THE TASK = Filter the listing below, please, and copy only the lines with the word "Chipper".

= = =

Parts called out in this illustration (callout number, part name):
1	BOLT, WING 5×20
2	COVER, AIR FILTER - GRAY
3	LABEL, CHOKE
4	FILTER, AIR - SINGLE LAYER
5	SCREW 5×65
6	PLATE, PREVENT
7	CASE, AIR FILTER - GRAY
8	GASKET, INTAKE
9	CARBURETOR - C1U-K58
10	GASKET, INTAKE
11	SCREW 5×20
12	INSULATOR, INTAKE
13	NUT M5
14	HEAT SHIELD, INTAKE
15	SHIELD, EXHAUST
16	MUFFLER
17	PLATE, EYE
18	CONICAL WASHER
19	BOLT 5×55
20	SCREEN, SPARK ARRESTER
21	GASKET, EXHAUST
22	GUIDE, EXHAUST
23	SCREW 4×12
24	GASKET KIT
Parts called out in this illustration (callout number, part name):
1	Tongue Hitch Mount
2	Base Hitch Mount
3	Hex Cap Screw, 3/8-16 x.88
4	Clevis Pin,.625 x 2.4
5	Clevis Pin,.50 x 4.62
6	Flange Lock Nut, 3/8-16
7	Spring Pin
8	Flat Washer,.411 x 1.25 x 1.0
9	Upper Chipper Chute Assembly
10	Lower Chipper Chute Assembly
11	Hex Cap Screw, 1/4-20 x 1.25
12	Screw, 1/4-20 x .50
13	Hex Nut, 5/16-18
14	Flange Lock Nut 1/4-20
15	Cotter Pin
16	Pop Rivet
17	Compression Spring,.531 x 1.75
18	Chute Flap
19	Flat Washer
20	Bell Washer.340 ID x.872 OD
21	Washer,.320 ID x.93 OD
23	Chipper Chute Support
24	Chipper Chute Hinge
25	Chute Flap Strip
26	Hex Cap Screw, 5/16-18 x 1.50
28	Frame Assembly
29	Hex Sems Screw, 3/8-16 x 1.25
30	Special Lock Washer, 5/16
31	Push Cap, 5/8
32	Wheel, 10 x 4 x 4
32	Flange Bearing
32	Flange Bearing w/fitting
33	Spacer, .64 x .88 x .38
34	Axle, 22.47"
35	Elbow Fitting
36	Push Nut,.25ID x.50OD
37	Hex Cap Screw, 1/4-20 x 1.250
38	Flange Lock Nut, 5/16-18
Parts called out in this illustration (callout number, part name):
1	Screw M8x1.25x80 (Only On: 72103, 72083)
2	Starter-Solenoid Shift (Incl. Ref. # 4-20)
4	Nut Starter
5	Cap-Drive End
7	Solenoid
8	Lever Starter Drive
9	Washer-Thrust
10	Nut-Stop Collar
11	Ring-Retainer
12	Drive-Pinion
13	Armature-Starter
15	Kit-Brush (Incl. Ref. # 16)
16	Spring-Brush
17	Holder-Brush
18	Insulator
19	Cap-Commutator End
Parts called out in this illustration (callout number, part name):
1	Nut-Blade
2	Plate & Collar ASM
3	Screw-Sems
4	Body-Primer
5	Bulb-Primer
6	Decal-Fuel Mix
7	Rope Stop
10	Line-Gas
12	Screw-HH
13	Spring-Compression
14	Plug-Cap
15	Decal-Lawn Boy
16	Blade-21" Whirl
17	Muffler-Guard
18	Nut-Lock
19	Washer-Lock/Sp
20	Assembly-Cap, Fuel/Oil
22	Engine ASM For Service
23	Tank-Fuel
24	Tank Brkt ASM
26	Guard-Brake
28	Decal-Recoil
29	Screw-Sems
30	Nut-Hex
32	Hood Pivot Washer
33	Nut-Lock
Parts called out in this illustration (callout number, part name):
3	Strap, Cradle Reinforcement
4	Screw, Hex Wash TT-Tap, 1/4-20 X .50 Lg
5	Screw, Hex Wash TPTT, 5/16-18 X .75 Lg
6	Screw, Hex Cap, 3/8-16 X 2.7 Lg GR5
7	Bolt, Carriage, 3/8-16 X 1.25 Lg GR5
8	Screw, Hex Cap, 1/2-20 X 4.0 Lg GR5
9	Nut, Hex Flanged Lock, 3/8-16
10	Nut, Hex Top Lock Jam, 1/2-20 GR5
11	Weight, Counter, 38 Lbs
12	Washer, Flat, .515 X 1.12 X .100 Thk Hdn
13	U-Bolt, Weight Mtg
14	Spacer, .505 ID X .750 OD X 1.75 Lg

= = =

EXPECTED ANSWER =
9	Upper Chipper Chute Assembly
10	Lower Chipper Chute Assembly
23	Chipper Chute Support
24	Chipper Chute Hinge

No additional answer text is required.